The 131st Annual Meeting (November 15-19, 2003) of APHA

The 131st Annual Meeting (November 15-19, 2003) of APHA

4242.0: Tuesday, November 18, 2003 - 5:00 PM

Abstract #56837

Attributable risk of alcohol and injury: A cross-national meta-analysis from ERCAAP

Cheryl J. Cherpitel, DrPH, Yu Ye, MA, and Jason Bond, PhD. Alcohol Research Group, 2000 Hearst Avenue, Berkeley, CA 94709, 510 642-0164, ccherpitel@arg.org

A determination of attributable risk (the proportion of injuries eliminated in the absence of alcohol) has been difficult to ascertain since most studies have not included probability samples of injury patients.
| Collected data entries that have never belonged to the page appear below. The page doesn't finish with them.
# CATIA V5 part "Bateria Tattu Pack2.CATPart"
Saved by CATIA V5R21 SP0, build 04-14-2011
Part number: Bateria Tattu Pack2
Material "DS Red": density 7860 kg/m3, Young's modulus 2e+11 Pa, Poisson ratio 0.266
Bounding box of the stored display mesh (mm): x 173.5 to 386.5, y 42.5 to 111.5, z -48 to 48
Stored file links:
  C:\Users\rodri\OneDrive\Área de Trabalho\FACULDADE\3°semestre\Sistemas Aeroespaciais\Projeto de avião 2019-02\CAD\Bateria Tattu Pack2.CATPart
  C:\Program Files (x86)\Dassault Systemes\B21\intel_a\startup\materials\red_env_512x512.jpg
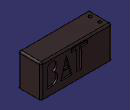
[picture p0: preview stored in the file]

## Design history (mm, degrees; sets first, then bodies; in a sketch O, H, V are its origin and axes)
Body1 (main body), material "DS Red"
  Sketch1 on yz-plane, origin (0, 0, 0), H (0, 1, 0), V (0, 0, 1)
    line L1 (-106.5, 48) -> (106.5, 48)
    line L2 (106.5, 48) -> (106.5, -48)
    line L3 (106.5, -48) -> (-106.5, -48)
    line L4 (-106.5, -48) -> (-106.5, 48)
    distance L4 L2 = 213
    distance L3 L1 = 96
    horizontal: L1 H, L3 H
    vertical: L2 V, L4 V
    symmetry: L4 L2 V, L3 L1 H
  Pad1: profile Sketch1, direction (1, 0, 0), length 34.5, mirrored extent
  Fillet1: radius 5, on edge [face of Pad1 from Sketch1.L1 | face of Pad1 from Sketch1.L2]
  Fillet2: radius 5, on edge [face of Pad1 from Sketch1.L2 | end face of Pad1]; edge [face of Pad1 from Sketch1.L1 | end face of Pad1]; edge [start face of Pad1 | face of Pad1 from Sketch1.L1]; edge [face of Pad1 from Sketch1.L4 | face of Pad1 from Sketch1.L1]; edge [face of Pad1 from Sketch1.L4 | end face of Pad1]; edge [start face of Pad1 | face of Pad1 from Sketch1.L2]
  Fillet3: radius 5, on edge [start face of Pad1 | face of Pad1 from Sketch1.L4]
  Sketch2 on face of Pad1 from Sketch1.L1, origin (0, 0, 48), H (1, 0, 0), V (0, 1, 0)
    circle A1 centre (-14.5, -90) radius 5
    point P1 (-14.5, -90)
    circle A2 centre (14.5, -90) radius 5
    point P2 (14.5, -90)
    reference projected line E1 (-34.5, 101.5) -> (-34.5, -106.5) from edge [start face of Pad1 | face of Fillet2]
    distance P1 E1 = 20
    radius A1 = 5
    radius A2 = 5
    distance A2 H = 85
    symmetry: P1 P2 V
  Pocket1: profile Sketch2, direction (0, 0, -1), length 10
  Sketch3 on start face of Pad1, origin (-34.5, 0, 0), H (0, -1, 0), V (0, 0, 1)
    line L1 (-86.2435, -27.0111) -> (-86.2435, 30.4896)
    arc A1 centre (-73.5977, 21.6671) radius 15.4193 from (-86.2435, 30.4896) to (-68.3938, 7.1525) cw
    arc A2 centre (-74.0974, -9.6616) radius 17.7552 from (-68.3938, 7.1525) to (-70.3235, -27.0111) cw
    line L2 (-70.3235, -27.0111) -> (-86.2435, -27.0111)
    point P7 (-46.9259, -27.0111)
    line L3 (-46.9259, -27.0111) -> (-30.0411, 30.4896)
    line L4 (-30.0411, 30.4896) -> (-13.3975, -27.0111)
    point P9 (-13.3975, -27.0111)
    line L5 (-13.3975, -27.0111) -> (-46.9259, -27.0111)
    point P10 (-37.5187, 0)
    line L6 (-37.5187, 0) -> (-23.046, 0)
    line L7 (-23.046, 0) -> (-23.046, -5.3581)
    line L8 (-23.046, -5.3581) -> (-37.5187, -5.3581)
    line L9 (-37.5187, -5.3581) -> (-37.5187, 0)
    point P14 (0, 30.4896)
    line L10 (0, 30.4896) -> (0, -27.0111)
    point P15 (0, -27.0111)
    line L11 (0, -27.0111) -> (14.58, -26.9312)
    line L12 (14.58, -26.9312) -> (14.2654, 30.4896)
    line L13 (14.2654, 30.4896) -> (32.674, 30.4896)
    line L14 (32.674, 30.4896) -> (32.674, 40.1131)
    line L15 (32.674, 40.1131) -> (-15.086, 40.1131)
    line L16 (-15.086, 40.1131) -> (-15.086, 30.4896)
    point P21 (-15.086, 30.4896)
    line L17 (-15.086, 30.4896) -> (0, 30.4896)
    vertical: L1 V, L7 V, L9 V, L10 V, L14 V, L16 V
    horizontal: L2 H, L5 H, L6 H, L8 H, L13 H, L15 H, L17 H
    coincidence: P7 L2, P9 L2, P10 H, P14 V, P15 L2, P21 L13
    tangency: L11 A2
  Pocket2: profile Sketch3, direction (1, 0, 0), length 5
  Sketch4 on end face of Pad1, origin (34.5, 0, 0), H (0, 1, 0), V (0, 0, 1)
    axis line L1 (-201.212, 0) -> (227.9274, 0)
    point P1 (-201.212, 0)
    coincidence: P1 H
    horizontal: L1 H
  Rotate1: Axis edge [start face of Pad1 | face of Fillet2], Angle 90, ToTransfor Pocket2
  Rotate2: Axis edge [face of Pad1 from Sketch1.L4 | face of Fillet3], Angle 90, ToTransfor Rotate1
  Rotate3: Axis edge [face of Pad1 from Sketch1.L4 | face of Fillet3], Angle 90, ToTransfor Rotate2
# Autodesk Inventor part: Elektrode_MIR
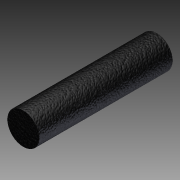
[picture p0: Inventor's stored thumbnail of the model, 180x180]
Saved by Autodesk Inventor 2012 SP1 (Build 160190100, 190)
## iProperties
Created: 2012-10
Part Number: Elektrode_MIR
Material: Default
Document SubType Name: Modeling
Designer: Dominic Mähling
Density: 1 g/cm^3
Author: Dominic Mähling
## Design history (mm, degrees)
derived "Elektrode.ipt"
feature "Volumenkörper1::Elektrode.ipt" dims "d0" = 10
tag "Bezeichnung1"
node "Volumenkörper1"

These studies have also not reflected age, gender or cultural-specific differences in relative risk. Attributable risk estimates of injury, and separately of violence-related injury, are reported for 15 ER studies covering 6 countries from ERCAAP, based on drinking prior to the injury event – BAC and self-reported consumption – (acute consumption), and usual heavier drinking – frequency of drinking 5 or more drinks per occasion – (chronic consumption). Pooled effect size of attributable risk for both acute and chronic consumption for all injuries was significant (p<1.001) but minimal (2% to 7%) and heterogeneous. Risk was substantially greater for violence-related injuries, and risk attributable to acute consumption (27% - 42%) was larger (and homogeneous) than that attributed to chronic consumption (12% - 24%). Detrimental drinking pattern and homicide rate were significantly predictive of heterogeneous effects sizes for all injuries, while per capita consumption, legal level of intoxication and the level to which alcohol use is stigmatized were predictive for violence-related injuries. These data suggest that risk of injury attributable to acute consumption is greater than that attributable to usual drinking. Attributable risk is especially great for injuries related to violence, but risk may be culturally specific and affected by contextual variables. Such data will inform estimates of the global burden of disease and are important in making priority decisions regarding alcohol exposure.

Learning Objectives:

Keywords: Alcohol Use, Emergency Department/Room

Presenting author's disclosure statement:
I do not have any significant financial interest/arrangement or affiliation with any organization/institution whose products or services are being discussed in this session.